Kein Wunder, daß die OP Kapazität an Sälen und Mitarbeitern in dieser Zeit besonders knapp ist. Frei nach Telekom müßte in dieser Zeit ein höherer Nutzungstarif für den OP von den Kliniken erhoben werden. Die Anästhesie macht sich beliebt, weil sie unter Umständen zwar jeden Saal mit einem Arzt versieht, der aber durch die Anästhesiepflege über weite Zeiten vertreten wird. Auch sind die Längen der Wechselzeiten ein Streitthema zwischen Operateuren und Anästhesisten. Die Funktionspflege teilt sich, je nachdem wie genau sie das Vergütungssystem der Entlohnung durchschaut hat, manchmal sehr gehaltsoptimal bei den Diensten ein. Mit geschickter Kombination der Dienste können Jahresgehälter von 95 TDM und mehr erreicht werden. Dies alles wird in Kombination mit einer Auswertung der Dienstpläne, der Gehaltstrukturen und der Arbeits- bzw. Betriebszeiten relativ schnell entzaubert.

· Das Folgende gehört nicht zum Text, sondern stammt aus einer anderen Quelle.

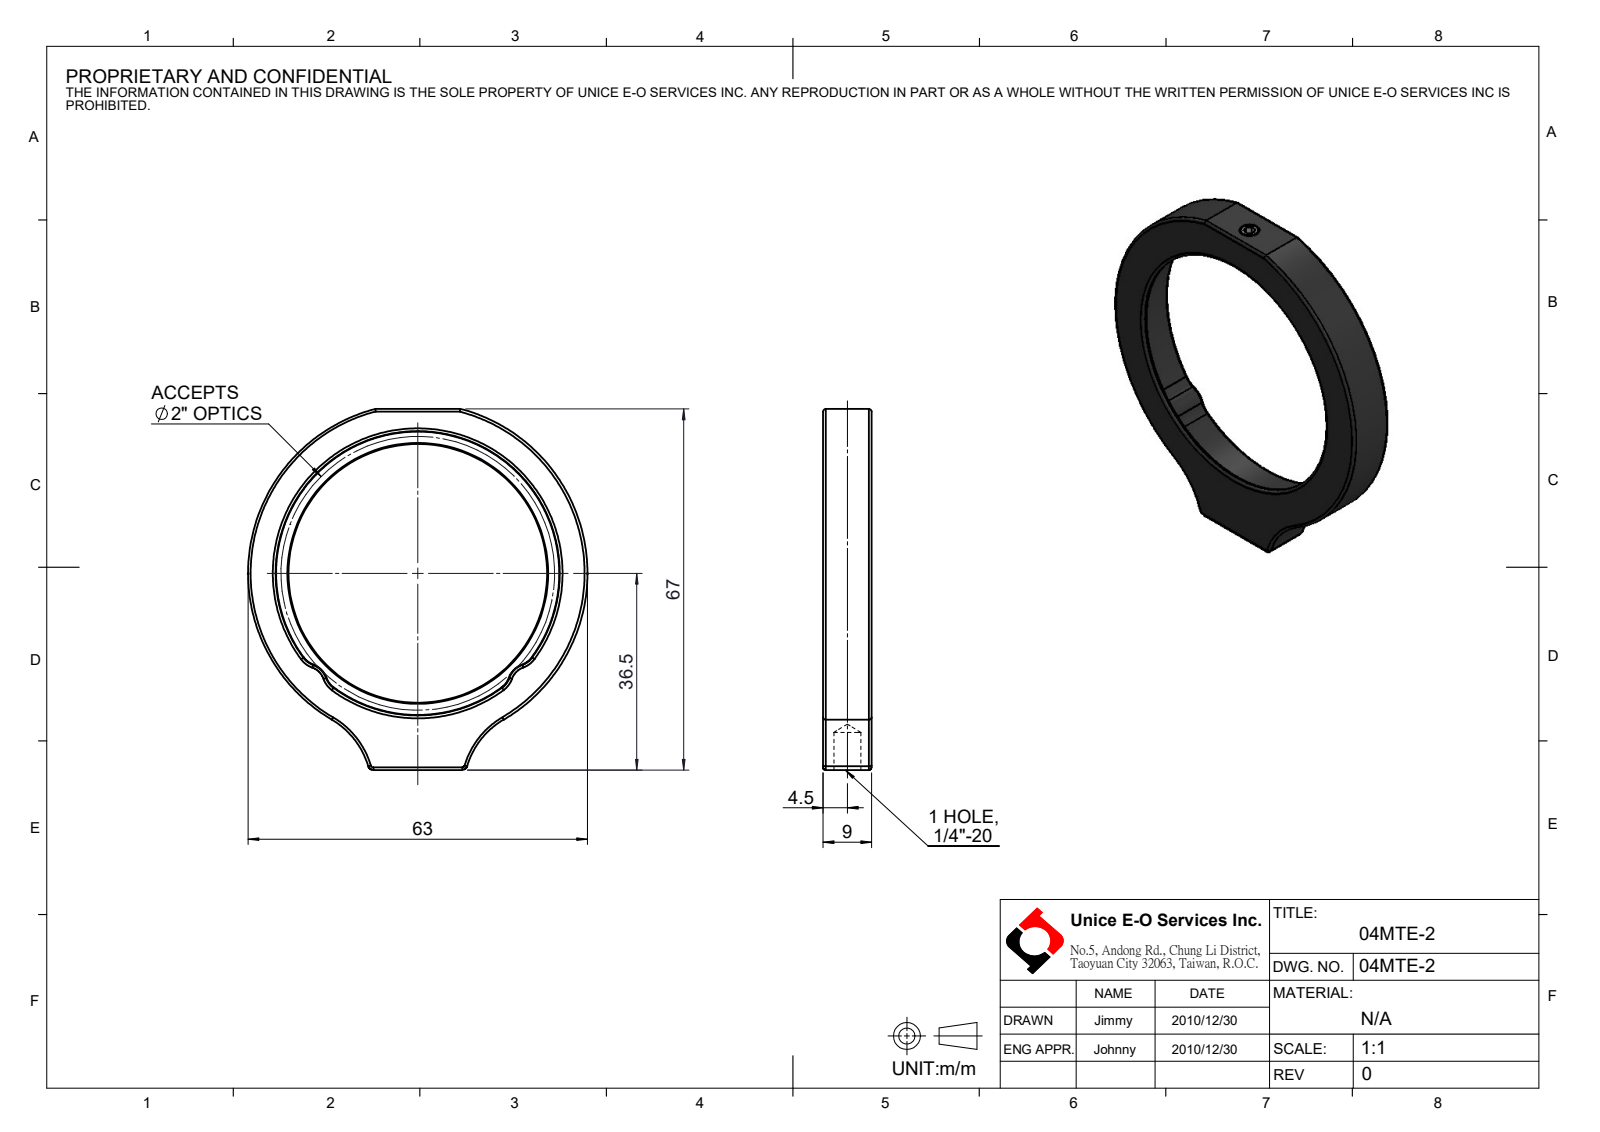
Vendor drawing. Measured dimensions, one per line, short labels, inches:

Die echte Arbeit fängt erst bei der Umstrukturierung der Arbeitsinhalte an. Da der OP im Wesentlichen von der Arbeitsvorbereitung, sprich der Diagnostik und der Arbeit auf den Stationen abhängig ist, werden organisatorische Maßnahmen diese Bereiche ebenfalls tangieren. Dann kann es nicht mehr vorkommen, das Gleichtagseingriffe durchgeboxt werden, Notfallpatienten pünktlich um 14.00 Uhr erst gemeldet werden, OPs so lange verschoben werden, bis die gewünschte OP-Schwester frei ist, die Patienten Aspirin morgends eingenommen haben, kein EKG vorhanden ist oder der erste Punkt immer ein großer, unsicherer Punkt sein muß.